Work required:
Pull out every line below that contains the word "color".

Source data:
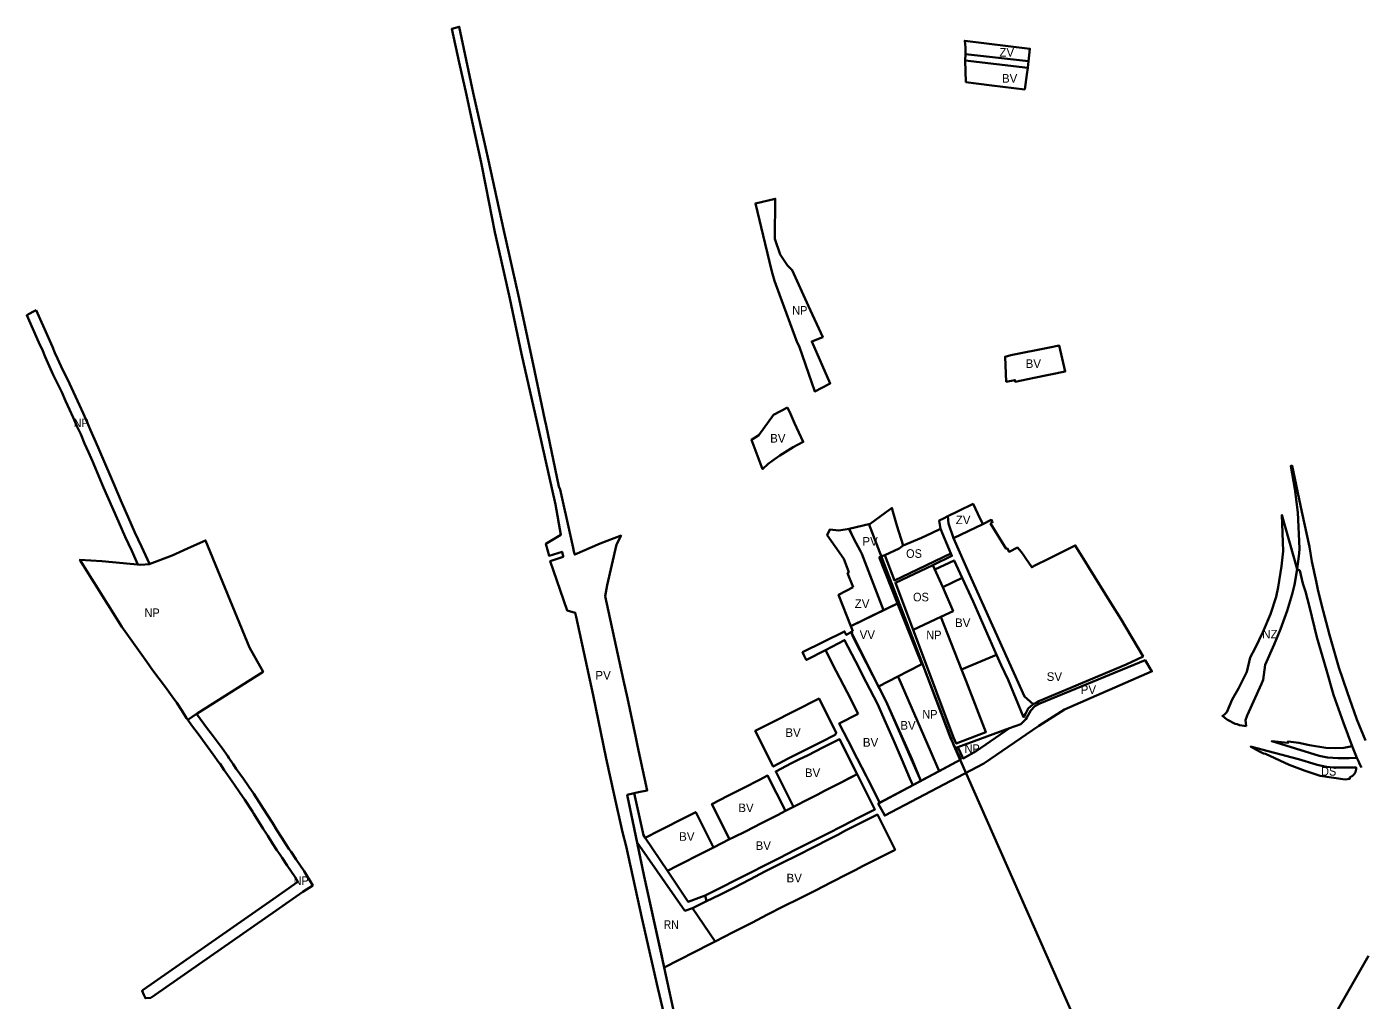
# Model space of a CAD drawing. Extents: x -650276 to -642489, y -1074311 to -1066720.
# Drawn here: x -649558 to -647696, y -1068079 to -1066720 of the extents above; entities that cross this region are included whole.
import ezdxf

# ---------------------------------------------------------------- set-up
doc = ezdxf.new("R2010")
doc.units = 0
doc.header["$LTSCALE"] = 4.8
for name, color, linetype, lineweight in [('15', 7, 'Continuous', 35), ('18', 7, 'Continuous', 35), ('24', 7, 'Continuous', 35), ('25', 7, 'Continuous', 35), ('3', 7, 'Continuous', 35), ('40', 7, 'Continuous', 35), ('45', 7, 'Continuous', 35), ('46', 7, 'Continuous', 35), ('48', 7, 'Continuous', 35), ('54', 7, 'Continuous', 35), ('7', 7, 'Continuous', 35), ('9', 7, 'Continuous', 35)]:
    doc.layers.add(name, color=color, linetype=linetype, lineweight=lineweight)
doc.layers.add('62', color=7, linetype='Continuous')

msp = doc.modelspace()

# ---------------------------------------------------------------- linework, layer by layer
at = {"layer": '15'}
for points in [[(-648662.71, -1068124.76), (-648677.61, -1068061.74), (-648700.16, -1067963.42), (-648722.09, -1067863.84), (-648727.05, -1067844.33), (-648738.7, -1067792.04), (-648749.97, -1067741.49), (-648767.84, -1067652.98), (-648791.68, -1067543.78), (-648792.97, -1067537.86), (-648804.08, -1067534.88), (-648813.94, -1067506.27), (-648827.86, -1067465.86), (-648809.65, -1067459.77), (-648809.97, -1067458.52), (-648811.21, -1067453.52), (-648811.4, -1067452.79), (-648829.54, -1067458.42), (-648834.01, -1067441.81), (-648812.91, -1067429.16), (-648820.39, -1067386.83), (-648844.16, -1067281.37), (-648845.94, -1067272.85), (-648867.82, -1067176.66), (-648884.26, -1067099.63), (-648899.1, -1067033.34), (-648905.06, -1067006.7), (-648917.76, -1066942.65), (-648924.32, -1066909.55), (-648936.7, -1066852.52), (-648944.75, -1066815.41), (-648955.15, -1066770.11), (-648965.39, -1066723.15), (-648959.88, -1066721.59), (-648954.86, -1066720.16), (-648935.19, -1066812.53), (-648918.27, -1066888.41), (-648914.11, -1066907.05), (-648893.02, -1067002.5), (-648872.31, -1067095.5), (-648851.87, -1067191.04), (-648835.29, -1067268.93), (-648833.66, -1067276.77), (-648816.06, -1067361.71), (-648813.81, -1067365.91), (-648799.58, -1067430.4), (-648796.8, -1067443.1), (-648795.88, -1067447.21), (-648794.7, -1067452.46), (-648793.71, -1067456.88), (-648757.97, -1067441.51), (-648728.95, -1067430.33), (-648735.59, -1067442.88), (-648748.53, -1067499.3), (-648751.29, -1067514.57), (-648731.06, -1067607.06), (-648725.8, -1067632.36), (-648720.1, -1067657.12), (-648708.26, -1067712.07), (-648706.08, -1067723.56), (-648702.33, -1067740.84), (-648692.53, -1067785.79), (-648704.614, -1067788.491), (-648710.961, -1067789.906), (-648720.34, -1067792), (-648696.93, -1067905.76), (-648672.31, -1068017.25), (-648668.92, -1068032.96), (-648651.89, -1068111.95)], [(-648710.961, -1067789.906), (-648720.34, -1067792), (-648706.687, -1067858.345), (-648640, -1067954)], [(-648695.27, -1067852.04), (-648697.7, -1067848.43), (-648699.621, -1067840.06), (-648699.593, -1067840.046), (-648710.96, -1067789.91)], [(-648611.61, -1067932.63), (-648620.658, -1067935.93), (-648635.249, -1067941.252), (-648664.41, -1067897.91), (-648695.27, -1067852.04)], [(-648640, -1067954), (-648629.22, -1067950.214), (-648609.91, -1067940.58), (-648611.61, -1067932.63)]]:
    msp.add_lwpolyline(points, dxfattribs=at)
for points in [[(-648161.58, -1066777.41), (-648160.51, -1066768.4), (-648248.43, -1066758.34), (-648248.77, -1066767.43)], [(-648369.01, -1067460.52), (-648361, -1067457.36), (-648341.15, -1067448.14), (-648335.38, -1067444.07), (-648344.41, -1067416.04), (-648349.67, -1067396.88), (-648351.06, -1067391.62), (-648352.16, -1067392.42), (-648353.35, -1067393.29), (-648381.48, -1067413.68), (-648410.92, -1067420.63), (-648409.61, -1067423.44), (-648404.29, -1067434.9), (-648394.92, -1067452.23), (-648393.17, -1067455.88), (-648362.585, -1067534.205), (-648343.41, -1067524.81), (-648369.01, -1067460.52)], [(-648237.81, -1067522.42), (-648204.88, -1067596.54), (-648198.39, -1067610.97), (-648193.8, -1067621), (-648189.03, -1067631.71), (-648167.48, -1067683.45), (-648164.79, -1067678.96), (-648163.11, -1067676.17), (-648160.68, -1067671.55), (-648153.98, -1067665.43), (-648166.173, -1067654.853), (-648240.51, -1067489.9), (-648265.197, -1067434.03), (-648265.197, -1067434.03), (-648272.022, -1067413.59), (-648273.008, -1067403.338), (-648279.24, -1067406.38), (-648285.08, -1067409.24), (-648283.21, -1067420.88), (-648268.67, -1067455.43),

Response to this task:
for name, color, linetype, lineweight in [('15', 7, 'Continuous', 35), ('18', 7, 'Continuous', 35), ('24', 7, 'Continuous', 35), ('25', 7, 'Continuous', 35), ('3', 7, 'Continuous', 35), ('40', 7, 'Continuous', 35), ('45', 7, 'Continuous', 35), ('46', 7, 'Continuous', 35), ('48', 7, 'Continuous', 35), ('54', 7, 'Continuous', 35), ('7', 7, 'Continuous', 35), ('9', 7, 'Continuous', 35)]:
    doc.layers.add(name, color=color, linetype=linetype, lineweight=lineweight)
doc.layers.add('62', color=7, linetype='Continuous')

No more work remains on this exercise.